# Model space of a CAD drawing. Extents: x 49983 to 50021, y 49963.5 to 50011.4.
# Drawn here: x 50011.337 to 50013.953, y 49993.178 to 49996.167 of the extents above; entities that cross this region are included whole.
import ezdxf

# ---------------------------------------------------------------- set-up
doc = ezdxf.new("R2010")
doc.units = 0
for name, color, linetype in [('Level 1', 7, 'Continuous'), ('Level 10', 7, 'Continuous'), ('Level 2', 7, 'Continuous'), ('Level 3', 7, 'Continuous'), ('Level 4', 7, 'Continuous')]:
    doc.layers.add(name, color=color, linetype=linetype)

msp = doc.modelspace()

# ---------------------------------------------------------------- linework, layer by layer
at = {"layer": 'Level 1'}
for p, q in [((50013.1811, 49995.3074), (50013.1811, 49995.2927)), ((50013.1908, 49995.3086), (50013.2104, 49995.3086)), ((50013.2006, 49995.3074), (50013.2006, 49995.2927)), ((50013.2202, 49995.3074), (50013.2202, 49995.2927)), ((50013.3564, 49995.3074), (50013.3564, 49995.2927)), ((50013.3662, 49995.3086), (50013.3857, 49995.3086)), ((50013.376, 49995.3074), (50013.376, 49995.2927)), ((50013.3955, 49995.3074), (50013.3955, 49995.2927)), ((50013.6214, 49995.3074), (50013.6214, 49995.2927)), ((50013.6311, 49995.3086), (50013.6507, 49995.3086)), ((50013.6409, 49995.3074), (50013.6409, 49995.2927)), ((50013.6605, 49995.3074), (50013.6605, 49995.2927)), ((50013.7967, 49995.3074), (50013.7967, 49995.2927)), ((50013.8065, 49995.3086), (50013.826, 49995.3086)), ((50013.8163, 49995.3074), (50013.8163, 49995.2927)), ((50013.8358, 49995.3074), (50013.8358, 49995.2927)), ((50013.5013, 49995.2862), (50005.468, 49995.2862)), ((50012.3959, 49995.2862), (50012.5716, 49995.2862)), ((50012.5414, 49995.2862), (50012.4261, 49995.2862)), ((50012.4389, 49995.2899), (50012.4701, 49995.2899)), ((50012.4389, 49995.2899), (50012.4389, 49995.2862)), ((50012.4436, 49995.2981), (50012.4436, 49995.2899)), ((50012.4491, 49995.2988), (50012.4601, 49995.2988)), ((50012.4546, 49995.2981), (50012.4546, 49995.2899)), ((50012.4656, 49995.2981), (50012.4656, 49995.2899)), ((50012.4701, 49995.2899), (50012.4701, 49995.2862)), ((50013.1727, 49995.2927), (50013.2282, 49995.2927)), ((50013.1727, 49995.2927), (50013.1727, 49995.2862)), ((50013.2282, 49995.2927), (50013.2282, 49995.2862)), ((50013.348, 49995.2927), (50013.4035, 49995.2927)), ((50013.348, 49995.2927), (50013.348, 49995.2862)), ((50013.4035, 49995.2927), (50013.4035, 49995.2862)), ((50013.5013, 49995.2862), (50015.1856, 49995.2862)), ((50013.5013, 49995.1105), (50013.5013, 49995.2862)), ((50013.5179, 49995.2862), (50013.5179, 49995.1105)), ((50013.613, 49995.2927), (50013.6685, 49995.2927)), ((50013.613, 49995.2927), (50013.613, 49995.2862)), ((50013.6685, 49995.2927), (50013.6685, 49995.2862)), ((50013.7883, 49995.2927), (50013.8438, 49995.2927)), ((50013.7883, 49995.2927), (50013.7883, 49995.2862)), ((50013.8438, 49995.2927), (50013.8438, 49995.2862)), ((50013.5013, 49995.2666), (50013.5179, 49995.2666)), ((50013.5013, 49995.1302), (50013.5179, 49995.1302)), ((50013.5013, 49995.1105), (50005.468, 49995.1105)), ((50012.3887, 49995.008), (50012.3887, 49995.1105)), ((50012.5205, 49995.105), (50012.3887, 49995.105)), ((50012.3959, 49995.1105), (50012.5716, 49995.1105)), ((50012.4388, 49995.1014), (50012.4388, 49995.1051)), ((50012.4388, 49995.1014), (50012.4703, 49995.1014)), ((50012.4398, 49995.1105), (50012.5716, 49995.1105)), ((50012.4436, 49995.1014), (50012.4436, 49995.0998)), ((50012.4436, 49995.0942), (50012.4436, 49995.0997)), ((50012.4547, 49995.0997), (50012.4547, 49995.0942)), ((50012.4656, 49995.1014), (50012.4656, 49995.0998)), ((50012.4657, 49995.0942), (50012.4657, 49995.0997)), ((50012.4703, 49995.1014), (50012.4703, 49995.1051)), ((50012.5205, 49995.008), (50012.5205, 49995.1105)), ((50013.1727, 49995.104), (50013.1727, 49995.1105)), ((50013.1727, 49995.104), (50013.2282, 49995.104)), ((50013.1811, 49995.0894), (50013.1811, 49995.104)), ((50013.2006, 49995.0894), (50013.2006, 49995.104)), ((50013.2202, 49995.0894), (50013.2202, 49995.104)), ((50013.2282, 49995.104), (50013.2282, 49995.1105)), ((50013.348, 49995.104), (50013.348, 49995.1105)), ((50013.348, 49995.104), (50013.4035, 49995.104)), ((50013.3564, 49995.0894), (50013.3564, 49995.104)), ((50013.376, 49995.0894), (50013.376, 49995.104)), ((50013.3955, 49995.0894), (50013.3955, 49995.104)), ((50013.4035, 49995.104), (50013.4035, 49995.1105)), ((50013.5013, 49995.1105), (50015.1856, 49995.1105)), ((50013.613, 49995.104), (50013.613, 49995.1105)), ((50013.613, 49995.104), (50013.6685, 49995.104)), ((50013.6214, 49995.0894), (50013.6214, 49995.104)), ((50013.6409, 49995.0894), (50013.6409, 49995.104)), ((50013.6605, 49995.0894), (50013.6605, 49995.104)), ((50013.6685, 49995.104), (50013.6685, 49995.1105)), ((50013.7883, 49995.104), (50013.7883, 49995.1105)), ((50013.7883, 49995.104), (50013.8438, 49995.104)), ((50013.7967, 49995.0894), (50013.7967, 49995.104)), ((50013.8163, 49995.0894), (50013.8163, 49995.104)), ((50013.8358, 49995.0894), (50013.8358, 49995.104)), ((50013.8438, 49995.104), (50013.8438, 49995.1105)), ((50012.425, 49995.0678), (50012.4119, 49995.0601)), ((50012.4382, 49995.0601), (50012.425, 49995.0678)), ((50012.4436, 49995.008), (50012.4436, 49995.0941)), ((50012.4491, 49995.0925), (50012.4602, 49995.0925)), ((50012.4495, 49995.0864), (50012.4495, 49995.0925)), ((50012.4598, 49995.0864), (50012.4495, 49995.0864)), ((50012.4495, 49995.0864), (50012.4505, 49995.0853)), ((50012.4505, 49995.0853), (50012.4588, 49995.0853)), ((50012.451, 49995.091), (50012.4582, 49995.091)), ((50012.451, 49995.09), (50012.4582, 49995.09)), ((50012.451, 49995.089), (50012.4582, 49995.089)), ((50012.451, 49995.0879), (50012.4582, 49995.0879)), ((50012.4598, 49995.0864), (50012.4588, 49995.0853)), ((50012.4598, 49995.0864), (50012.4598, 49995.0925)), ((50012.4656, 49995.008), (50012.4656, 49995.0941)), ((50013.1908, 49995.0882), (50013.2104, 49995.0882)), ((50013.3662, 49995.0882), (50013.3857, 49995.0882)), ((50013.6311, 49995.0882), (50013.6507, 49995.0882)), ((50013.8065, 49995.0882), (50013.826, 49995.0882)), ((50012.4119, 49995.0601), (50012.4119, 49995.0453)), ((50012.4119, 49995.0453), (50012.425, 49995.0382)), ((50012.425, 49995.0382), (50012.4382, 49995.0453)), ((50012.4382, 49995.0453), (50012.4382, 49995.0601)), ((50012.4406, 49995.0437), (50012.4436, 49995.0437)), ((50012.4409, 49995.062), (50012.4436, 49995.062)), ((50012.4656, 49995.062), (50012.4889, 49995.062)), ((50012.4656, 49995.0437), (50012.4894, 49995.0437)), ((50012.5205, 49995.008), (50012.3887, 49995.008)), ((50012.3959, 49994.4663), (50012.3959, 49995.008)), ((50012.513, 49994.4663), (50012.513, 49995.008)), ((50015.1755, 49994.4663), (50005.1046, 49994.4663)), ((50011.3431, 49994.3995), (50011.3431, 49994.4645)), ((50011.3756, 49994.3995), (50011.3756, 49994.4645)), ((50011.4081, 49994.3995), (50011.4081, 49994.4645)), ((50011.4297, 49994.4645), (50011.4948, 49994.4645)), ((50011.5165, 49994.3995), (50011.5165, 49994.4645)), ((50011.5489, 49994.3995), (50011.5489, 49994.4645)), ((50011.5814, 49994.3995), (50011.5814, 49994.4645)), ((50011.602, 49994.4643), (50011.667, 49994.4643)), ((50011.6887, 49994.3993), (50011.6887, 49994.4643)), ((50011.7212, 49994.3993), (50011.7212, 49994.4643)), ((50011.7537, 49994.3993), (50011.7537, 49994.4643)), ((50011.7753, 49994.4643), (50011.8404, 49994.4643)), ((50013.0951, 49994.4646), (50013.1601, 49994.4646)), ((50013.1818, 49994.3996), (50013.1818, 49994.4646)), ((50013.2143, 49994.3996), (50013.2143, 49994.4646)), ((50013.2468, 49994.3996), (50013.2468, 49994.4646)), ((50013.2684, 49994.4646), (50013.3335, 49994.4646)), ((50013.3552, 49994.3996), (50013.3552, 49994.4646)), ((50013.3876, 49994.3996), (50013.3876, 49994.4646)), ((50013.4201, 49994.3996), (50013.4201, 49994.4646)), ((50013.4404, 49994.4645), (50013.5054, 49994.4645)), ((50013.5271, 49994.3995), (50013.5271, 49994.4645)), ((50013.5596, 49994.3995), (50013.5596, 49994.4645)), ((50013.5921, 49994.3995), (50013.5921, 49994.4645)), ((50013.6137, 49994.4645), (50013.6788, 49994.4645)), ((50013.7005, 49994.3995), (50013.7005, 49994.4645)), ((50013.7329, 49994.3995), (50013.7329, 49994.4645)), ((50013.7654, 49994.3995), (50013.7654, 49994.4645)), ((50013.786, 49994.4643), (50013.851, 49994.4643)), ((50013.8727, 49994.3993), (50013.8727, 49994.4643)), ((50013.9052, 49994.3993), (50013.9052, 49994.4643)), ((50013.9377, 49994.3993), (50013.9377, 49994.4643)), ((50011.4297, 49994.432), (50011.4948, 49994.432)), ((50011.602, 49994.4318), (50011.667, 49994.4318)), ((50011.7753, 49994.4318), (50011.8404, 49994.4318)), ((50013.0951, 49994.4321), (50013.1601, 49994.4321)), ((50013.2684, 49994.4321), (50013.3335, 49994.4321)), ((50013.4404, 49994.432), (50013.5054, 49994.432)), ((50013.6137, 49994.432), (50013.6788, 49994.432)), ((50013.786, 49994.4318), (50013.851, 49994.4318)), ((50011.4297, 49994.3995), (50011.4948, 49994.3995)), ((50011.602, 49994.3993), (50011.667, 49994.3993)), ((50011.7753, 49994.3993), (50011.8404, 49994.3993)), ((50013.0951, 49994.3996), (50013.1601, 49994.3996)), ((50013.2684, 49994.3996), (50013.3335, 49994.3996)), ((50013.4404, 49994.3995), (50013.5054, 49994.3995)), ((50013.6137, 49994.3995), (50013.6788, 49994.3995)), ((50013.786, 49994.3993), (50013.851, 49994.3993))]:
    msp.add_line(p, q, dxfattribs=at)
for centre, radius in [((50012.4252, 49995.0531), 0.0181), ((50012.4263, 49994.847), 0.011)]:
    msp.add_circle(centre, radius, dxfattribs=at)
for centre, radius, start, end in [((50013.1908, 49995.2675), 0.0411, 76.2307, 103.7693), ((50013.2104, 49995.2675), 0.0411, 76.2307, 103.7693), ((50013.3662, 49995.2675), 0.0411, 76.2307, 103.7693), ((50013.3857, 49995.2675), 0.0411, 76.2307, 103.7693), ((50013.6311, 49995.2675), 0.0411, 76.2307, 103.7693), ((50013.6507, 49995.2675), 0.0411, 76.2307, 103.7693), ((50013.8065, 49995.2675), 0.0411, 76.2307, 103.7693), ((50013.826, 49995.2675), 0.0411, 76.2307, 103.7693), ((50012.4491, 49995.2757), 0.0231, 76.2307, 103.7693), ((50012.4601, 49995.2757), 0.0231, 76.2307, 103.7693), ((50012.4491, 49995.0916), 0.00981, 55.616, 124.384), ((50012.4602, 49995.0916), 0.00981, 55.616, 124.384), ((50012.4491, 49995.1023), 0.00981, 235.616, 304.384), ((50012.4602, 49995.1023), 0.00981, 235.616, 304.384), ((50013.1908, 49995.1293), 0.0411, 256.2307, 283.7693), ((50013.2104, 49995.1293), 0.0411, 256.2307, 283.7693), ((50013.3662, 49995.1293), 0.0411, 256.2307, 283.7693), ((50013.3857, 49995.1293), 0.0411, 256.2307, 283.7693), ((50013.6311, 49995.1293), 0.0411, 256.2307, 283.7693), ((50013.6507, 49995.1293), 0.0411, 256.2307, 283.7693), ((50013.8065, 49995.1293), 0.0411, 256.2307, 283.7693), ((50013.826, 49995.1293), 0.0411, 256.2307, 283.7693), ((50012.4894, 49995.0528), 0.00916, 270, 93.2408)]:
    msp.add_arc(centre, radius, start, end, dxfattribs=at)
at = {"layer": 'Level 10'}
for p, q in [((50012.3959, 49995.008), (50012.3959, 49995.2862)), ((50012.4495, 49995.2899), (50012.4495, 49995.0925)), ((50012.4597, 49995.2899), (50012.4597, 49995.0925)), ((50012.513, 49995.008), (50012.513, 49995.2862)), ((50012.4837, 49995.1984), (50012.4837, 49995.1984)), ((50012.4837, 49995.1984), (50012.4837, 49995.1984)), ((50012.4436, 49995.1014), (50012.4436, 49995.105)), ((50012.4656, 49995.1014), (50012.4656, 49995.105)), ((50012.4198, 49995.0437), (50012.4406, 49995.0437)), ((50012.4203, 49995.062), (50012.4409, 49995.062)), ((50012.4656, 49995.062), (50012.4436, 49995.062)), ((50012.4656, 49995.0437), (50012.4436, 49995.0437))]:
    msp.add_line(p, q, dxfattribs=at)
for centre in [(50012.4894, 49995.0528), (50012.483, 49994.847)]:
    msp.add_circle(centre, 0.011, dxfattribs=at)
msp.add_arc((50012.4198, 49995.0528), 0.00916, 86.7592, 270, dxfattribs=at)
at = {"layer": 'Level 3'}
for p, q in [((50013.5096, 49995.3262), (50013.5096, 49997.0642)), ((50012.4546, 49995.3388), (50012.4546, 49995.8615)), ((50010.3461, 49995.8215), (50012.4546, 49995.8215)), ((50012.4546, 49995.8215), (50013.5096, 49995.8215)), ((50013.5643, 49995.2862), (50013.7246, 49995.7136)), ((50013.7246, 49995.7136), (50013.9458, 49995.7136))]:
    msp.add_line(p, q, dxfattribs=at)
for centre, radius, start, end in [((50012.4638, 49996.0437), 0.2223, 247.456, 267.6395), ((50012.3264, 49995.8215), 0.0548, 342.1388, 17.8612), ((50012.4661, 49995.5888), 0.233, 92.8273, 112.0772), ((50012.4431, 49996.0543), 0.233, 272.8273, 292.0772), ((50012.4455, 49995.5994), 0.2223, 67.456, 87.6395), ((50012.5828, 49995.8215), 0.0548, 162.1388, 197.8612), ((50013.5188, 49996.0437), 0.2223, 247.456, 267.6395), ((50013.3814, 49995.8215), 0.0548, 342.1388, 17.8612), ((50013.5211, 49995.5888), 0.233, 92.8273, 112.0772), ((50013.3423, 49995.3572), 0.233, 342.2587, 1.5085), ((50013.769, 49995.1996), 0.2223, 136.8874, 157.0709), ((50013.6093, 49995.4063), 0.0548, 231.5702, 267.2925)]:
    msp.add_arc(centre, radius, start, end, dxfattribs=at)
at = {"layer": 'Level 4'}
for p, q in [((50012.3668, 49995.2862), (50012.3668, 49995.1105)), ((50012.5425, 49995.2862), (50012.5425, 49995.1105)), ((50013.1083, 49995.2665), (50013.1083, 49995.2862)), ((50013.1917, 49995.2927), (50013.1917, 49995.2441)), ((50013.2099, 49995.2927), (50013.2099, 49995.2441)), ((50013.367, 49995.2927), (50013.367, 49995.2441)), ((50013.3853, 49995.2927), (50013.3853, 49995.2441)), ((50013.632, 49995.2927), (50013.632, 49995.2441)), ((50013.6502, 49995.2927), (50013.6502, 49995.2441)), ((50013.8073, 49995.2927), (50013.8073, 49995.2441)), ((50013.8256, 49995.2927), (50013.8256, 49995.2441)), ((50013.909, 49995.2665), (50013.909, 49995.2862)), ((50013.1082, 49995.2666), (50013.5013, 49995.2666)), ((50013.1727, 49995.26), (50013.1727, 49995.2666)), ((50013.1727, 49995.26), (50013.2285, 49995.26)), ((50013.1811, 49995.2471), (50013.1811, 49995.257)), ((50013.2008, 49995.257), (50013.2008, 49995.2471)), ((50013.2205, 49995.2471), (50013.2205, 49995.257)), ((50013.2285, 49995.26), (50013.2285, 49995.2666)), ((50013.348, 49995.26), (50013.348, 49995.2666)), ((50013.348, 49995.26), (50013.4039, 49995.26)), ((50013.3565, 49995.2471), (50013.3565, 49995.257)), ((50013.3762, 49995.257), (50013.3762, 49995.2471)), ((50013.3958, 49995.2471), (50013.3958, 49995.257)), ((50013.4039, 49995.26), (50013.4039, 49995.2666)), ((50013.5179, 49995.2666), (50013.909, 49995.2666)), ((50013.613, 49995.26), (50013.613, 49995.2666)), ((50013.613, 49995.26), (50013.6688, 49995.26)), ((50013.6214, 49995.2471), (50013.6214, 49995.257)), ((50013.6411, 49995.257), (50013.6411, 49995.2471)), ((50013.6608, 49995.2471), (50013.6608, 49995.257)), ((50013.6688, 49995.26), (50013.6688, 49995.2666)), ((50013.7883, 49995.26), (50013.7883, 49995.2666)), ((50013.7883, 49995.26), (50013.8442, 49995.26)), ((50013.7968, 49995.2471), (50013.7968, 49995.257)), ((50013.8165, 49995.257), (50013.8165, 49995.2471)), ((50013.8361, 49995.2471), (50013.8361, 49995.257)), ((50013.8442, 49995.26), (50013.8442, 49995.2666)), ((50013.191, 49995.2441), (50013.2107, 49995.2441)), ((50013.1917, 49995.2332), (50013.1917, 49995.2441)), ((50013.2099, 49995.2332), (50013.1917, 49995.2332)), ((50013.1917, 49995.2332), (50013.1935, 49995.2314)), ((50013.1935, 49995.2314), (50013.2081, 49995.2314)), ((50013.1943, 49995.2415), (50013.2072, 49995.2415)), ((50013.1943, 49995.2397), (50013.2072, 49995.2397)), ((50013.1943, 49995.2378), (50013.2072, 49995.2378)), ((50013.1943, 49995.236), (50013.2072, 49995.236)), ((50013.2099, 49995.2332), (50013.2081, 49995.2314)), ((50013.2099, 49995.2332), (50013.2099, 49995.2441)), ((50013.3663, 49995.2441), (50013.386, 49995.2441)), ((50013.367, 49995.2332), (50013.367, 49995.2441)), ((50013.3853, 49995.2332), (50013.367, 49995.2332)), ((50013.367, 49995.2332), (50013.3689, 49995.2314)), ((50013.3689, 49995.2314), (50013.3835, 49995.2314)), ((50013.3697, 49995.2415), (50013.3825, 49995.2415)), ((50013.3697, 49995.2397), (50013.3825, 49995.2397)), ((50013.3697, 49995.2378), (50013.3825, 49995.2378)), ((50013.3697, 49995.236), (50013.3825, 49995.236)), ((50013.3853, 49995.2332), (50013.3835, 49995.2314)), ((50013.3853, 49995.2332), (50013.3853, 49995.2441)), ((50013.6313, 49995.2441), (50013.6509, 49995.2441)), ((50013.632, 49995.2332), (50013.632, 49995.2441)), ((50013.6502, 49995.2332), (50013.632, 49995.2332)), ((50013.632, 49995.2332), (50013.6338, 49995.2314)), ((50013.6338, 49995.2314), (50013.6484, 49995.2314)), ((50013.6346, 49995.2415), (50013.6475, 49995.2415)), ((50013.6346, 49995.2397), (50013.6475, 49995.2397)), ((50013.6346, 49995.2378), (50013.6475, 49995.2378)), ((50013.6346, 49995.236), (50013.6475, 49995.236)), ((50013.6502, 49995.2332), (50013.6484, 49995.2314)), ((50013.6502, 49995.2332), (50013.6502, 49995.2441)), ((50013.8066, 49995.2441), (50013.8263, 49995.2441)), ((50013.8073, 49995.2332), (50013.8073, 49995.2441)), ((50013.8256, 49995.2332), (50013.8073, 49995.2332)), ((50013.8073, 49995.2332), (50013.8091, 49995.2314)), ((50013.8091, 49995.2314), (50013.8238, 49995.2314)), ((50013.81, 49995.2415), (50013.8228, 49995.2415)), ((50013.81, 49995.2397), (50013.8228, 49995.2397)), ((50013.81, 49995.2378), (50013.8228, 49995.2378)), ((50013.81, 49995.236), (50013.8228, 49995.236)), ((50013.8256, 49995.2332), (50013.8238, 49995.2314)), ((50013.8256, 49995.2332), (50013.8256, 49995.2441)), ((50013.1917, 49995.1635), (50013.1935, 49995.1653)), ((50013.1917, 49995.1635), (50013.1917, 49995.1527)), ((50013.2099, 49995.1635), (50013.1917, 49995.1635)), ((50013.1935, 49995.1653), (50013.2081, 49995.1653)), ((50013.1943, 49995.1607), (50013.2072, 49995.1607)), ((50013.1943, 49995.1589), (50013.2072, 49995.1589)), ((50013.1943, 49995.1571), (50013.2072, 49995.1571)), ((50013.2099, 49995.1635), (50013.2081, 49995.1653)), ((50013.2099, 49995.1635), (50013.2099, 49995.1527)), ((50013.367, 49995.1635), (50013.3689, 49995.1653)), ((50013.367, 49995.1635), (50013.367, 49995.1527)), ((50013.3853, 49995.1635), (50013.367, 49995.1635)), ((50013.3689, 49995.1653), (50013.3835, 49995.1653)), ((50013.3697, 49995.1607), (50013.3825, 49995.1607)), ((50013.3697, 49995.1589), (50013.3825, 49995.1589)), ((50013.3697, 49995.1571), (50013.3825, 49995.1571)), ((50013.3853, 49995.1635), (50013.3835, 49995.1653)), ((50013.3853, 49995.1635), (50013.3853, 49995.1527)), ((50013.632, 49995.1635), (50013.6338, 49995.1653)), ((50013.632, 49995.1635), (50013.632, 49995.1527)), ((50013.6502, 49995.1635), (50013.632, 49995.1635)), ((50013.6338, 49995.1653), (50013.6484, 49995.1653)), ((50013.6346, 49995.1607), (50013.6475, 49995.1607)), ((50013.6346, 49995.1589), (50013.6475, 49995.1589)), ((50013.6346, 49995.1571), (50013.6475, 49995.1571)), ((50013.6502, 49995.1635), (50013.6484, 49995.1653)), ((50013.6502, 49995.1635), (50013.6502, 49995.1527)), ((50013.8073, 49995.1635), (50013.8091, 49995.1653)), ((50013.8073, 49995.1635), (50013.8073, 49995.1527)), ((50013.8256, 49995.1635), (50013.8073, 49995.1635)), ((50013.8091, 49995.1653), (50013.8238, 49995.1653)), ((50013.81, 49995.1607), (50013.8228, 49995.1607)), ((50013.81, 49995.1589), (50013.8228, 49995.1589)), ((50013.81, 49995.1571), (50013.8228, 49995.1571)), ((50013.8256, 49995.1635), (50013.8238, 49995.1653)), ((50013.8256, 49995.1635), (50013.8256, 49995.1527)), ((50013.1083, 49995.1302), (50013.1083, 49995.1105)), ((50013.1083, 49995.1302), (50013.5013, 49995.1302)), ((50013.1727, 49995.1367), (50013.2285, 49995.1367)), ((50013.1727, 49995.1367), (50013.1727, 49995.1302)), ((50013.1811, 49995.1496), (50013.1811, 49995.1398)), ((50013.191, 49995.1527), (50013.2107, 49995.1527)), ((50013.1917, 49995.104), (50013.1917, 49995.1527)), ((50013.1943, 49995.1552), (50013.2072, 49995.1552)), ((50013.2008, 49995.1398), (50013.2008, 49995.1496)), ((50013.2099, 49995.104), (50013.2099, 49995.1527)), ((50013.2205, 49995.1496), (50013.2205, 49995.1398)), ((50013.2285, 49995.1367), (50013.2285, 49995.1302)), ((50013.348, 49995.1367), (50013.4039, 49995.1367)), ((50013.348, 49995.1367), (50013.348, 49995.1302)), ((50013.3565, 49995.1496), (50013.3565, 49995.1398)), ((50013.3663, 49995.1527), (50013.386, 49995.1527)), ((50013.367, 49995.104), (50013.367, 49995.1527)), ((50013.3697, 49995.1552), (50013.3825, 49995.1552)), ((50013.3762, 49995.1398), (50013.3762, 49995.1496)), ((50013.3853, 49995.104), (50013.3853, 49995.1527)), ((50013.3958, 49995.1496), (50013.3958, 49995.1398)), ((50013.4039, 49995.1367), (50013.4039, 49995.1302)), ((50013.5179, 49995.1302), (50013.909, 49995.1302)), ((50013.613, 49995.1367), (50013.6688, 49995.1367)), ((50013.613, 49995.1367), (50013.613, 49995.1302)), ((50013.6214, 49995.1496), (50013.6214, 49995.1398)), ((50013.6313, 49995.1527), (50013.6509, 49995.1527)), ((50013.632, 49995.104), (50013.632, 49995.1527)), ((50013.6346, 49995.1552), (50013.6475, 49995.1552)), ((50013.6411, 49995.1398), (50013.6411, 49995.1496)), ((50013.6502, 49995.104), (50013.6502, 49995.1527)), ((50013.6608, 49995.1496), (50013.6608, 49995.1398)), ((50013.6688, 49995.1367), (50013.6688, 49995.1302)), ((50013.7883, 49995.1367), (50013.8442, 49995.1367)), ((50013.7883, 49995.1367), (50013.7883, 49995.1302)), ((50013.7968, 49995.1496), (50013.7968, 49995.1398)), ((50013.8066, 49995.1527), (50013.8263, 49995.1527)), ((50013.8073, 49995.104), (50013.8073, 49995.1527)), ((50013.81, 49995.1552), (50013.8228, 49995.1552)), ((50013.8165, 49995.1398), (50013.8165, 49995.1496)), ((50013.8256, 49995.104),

▸ ASSIGNMENT: Wherever the string "linetype" appears in the records above, copy the line it sits in.

▸ ANSWER TO THE PROBLEM:
for name, color, linetype in [('Level 1', 7, 'Continuous'), ('Level 10', 7, 'Continuous'), ('Level 2', 7, 'Continuous'), ('Level 3', 7, 'Continuous'), ('Level 4', 7, 'Continuous')]:
    doc.layers.add(name, color=color, linetype=linetype)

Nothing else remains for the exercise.